Exercise objective:
Write out the full set of records exactly. Any pictures in them do not belong in the copy.

Data for this task:
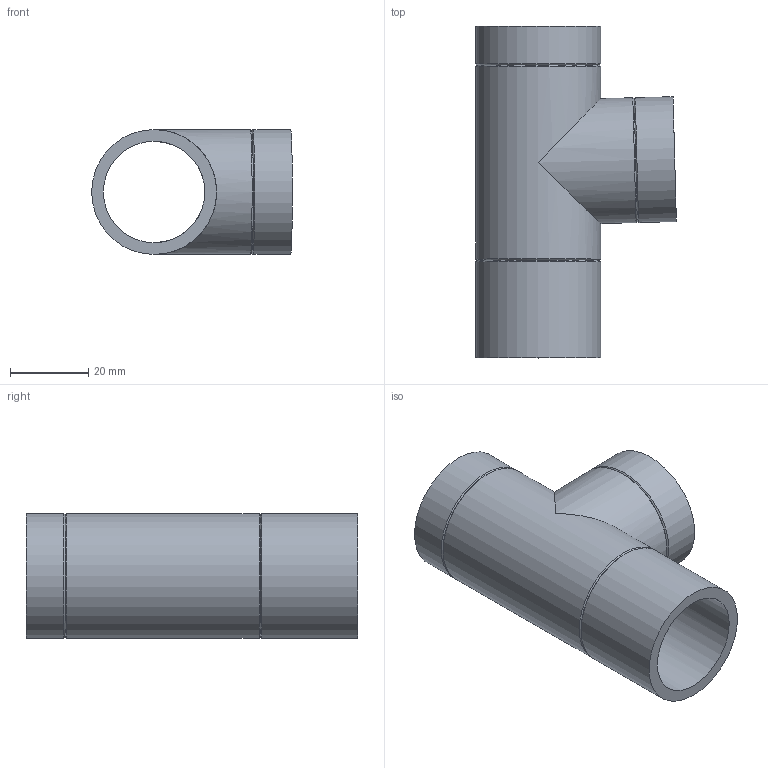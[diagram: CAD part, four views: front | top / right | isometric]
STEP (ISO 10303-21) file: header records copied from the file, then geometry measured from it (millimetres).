
FILE_DESCRIPTION(/* description */ (''),/* implementation_level */ '2;1');
FILE_NAME(/* name */ 'Z:\Geberit\Export\NewStep\379158.stp',/* time_stamp */ '2014-04-02T08:07:29+02:00',/* author */ ('nelson'),/* organization */ (''),/* preprocessor_version */ 'ST-DEVELOPER v15.2',/* originating_system */ 'Autodesk Inventor 2014',/* authorisation */ '');
FILE_SCHEMA (('AUTOMOTIVE_DESIGN { 1 0 10303 214 3 1 1 }'));
Length unit declared in the file: millimetre
Products named in the file (1): 379158
Bounding box: 51.41 x 85 x 32 mm (x, y, z)
Volume: 27701.8 mm3; surface area: 19361.5 mm2
Topology: 1 solids, 1 shells, 16 faces, 39 edges, 25 vertices
Faces by surface type: cylinder 7, cone 6, plane 3
Full cylindrical faces by diameter (mm): 26 x2, 32 x5
Entity records: 399 total; most frequent: DIRECTION 72, CARTESIAN_POINT 55, ORIENTED_EDGE 38, AXIS2_PLACEMENT_3D 36, EDGE_LOOP 34, FACE_BOUND 22, VERTEX_POINT 19, EDGE_CURVE 19

Task answer:
[diagram: CAD part, four views: front | top / right | isometric]
STEP (ISO 10303-21) file: header records copied from the file, then geometry measured from it (millimetres).
FILE_DESCRIPTION(/* description */ (''),/* implementation_level */ '2;1');
FILE_NAME(/* name */ 'Z:\Geberit\Export\NewStep\379158.stp',/* time_stamp */ '2014-04-02T08:07:29+02:00',/* author */ ('nelson'),/* organization */ (''),/* preprocessor_version */ 'ST-DEVELOPER v15.2',/* originating_system */ 'Autodesk Inventor 2014',/* authorisation */ '');
FILE_SCHEMA (('AUTOMOTIVE_DESIGN { 1 0 10303 214 3 1 1 }'));
Length unit declared in the file: millimetre
Products named in the file (1): 379158
Bounding box: 51.41 x 85 x 32 mm (x, y, z)
Volume: 27701.8 mm3; surface area: 19361.5 mm2
Topology: 1 solids, 1 shells, 16 faces, 39 edges, 25 vertices
Faces by surface type: cylinder 7, cone 6, plane 3
Full cylindrical faces by diameter (mm): 26 x2, 32 x5
Entity records: 399 total; most frequent: DIRECTION 72, CARTESIAN_POINT 55, ORIENTED_EDGE 38, AXIS2_PLACEMENT_3D 36, EDGE_LOOP 34, FACE_BOUND 22, VERTEX_POINT 19, EDGE_CURVE 19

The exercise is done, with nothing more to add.